• What you should do:
In the listing below, how many lines carry the word "close"? Reply with only the number.

• Given data:
--------

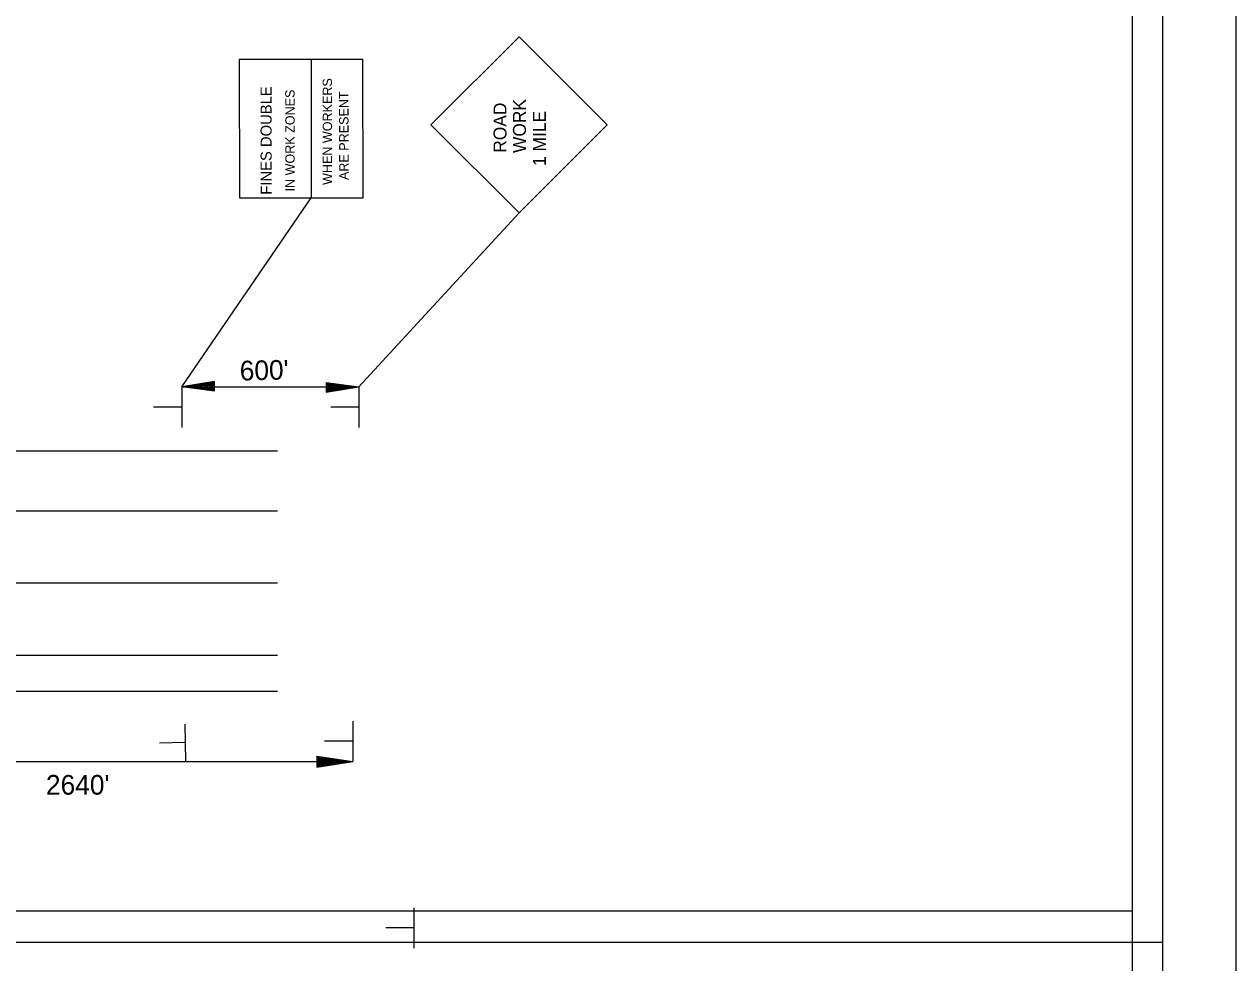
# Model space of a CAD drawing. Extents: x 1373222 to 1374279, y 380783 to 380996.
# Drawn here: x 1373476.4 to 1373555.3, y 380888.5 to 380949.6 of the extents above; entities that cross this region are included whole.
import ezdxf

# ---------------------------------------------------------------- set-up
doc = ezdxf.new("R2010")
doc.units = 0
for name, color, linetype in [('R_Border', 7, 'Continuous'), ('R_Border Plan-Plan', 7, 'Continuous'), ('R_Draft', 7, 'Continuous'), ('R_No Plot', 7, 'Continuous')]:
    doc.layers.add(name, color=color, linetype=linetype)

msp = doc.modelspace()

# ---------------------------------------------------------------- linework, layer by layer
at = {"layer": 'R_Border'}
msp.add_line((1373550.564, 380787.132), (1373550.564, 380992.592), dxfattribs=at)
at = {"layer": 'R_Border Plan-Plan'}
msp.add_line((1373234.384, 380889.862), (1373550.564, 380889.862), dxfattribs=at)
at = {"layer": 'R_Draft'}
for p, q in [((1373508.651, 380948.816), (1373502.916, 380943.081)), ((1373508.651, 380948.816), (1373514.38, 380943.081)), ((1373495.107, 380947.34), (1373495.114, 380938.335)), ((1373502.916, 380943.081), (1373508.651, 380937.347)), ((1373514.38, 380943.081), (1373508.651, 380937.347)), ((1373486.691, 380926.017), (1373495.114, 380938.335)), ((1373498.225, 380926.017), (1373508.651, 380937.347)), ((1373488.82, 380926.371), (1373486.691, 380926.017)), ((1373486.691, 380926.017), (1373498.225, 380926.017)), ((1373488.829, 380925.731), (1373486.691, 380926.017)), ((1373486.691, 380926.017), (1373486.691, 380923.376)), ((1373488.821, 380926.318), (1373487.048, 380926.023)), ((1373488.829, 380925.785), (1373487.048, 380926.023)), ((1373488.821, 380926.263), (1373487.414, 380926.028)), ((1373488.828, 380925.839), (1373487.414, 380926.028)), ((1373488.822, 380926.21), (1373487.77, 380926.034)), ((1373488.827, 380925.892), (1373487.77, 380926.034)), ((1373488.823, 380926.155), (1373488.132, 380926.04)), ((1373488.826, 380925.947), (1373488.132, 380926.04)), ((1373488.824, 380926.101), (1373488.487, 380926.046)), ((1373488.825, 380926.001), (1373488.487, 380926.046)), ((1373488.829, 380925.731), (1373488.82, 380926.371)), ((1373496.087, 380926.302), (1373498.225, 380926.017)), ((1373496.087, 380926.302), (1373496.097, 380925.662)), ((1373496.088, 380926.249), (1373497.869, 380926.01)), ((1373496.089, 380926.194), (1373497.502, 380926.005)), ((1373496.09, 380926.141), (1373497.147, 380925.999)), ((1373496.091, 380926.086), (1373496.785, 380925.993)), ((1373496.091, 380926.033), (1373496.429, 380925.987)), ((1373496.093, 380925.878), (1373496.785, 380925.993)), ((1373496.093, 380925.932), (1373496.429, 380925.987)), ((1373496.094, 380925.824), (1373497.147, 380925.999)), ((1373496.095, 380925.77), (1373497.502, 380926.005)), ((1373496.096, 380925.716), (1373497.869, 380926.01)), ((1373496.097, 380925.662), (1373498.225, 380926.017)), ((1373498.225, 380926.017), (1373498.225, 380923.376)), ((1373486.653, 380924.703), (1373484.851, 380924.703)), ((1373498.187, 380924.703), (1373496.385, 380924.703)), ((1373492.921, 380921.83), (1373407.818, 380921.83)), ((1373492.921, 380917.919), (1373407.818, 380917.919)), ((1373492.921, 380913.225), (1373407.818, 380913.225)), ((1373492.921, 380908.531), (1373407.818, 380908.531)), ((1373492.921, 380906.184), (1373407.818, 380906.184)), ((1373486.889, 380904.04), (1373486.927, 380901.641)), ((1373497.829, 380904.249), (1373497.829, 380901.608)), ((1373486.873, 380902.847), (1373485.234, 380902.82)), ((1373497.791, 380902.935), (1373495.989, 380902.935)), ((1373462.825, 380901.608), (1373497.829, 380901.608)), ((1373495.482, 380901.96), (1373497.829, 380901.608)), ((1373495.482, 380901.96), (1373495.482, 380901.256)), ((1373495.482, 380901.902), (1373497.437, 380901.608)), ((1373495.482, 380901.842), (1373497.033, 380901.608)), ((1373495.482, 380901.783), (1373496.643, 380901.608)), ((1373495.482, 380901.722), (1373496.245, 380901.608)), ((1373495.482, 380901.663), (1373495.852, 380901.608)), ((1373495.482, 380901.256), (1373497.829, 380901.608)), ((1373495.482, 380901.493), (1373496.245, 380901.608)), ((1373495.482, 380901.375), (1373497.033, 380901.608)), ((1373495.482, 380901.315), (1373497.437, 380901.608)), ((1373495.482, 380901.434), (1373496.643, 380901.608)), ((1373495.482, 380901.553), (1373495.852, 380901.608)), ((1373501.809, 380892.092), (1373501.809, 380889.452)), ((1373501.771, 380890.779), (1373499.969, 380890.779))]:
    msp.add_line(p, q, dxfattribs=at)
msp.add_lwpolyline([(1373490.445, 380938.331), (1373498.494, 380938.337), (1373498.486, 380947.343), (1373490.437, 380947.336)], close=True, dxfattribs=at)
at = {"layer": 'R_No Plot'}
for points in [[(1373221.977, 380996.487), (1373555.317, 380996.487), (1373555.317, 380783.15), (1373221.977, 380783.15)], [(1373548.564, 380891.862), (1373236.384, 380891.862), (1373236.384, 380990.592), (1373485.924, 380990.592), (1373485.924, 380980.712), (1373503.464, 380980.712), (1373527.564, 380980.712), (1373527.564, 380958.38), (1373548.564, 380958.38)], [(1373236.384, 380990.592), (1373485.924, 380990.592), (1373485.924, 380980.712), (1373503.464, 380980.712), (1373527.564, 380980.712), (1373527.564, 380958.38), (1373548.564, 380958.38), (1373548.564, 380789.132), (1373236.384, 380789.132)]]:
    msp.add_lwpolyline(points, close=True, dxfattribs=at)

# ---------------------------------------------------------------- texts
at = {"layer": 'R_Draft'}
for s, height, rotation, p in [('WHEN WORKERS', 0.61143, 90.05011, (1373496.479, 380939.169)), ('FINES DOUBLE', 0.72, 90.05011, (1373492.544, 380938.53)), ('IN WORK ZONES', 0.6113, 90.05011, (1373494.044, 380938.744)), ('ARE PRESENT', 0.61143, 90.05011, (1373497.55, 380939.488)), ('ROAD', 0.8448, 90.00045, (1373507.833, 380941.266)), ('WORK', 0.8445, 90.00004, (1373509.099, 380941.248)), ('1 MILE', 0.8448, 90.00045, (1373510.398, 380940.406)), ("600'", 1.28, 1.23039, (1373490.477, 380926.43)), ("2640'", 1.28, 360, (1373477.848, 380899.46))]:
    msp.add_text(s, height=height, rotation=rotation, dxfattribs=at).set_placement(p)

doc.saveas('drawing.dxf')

--------

• Solution below:
2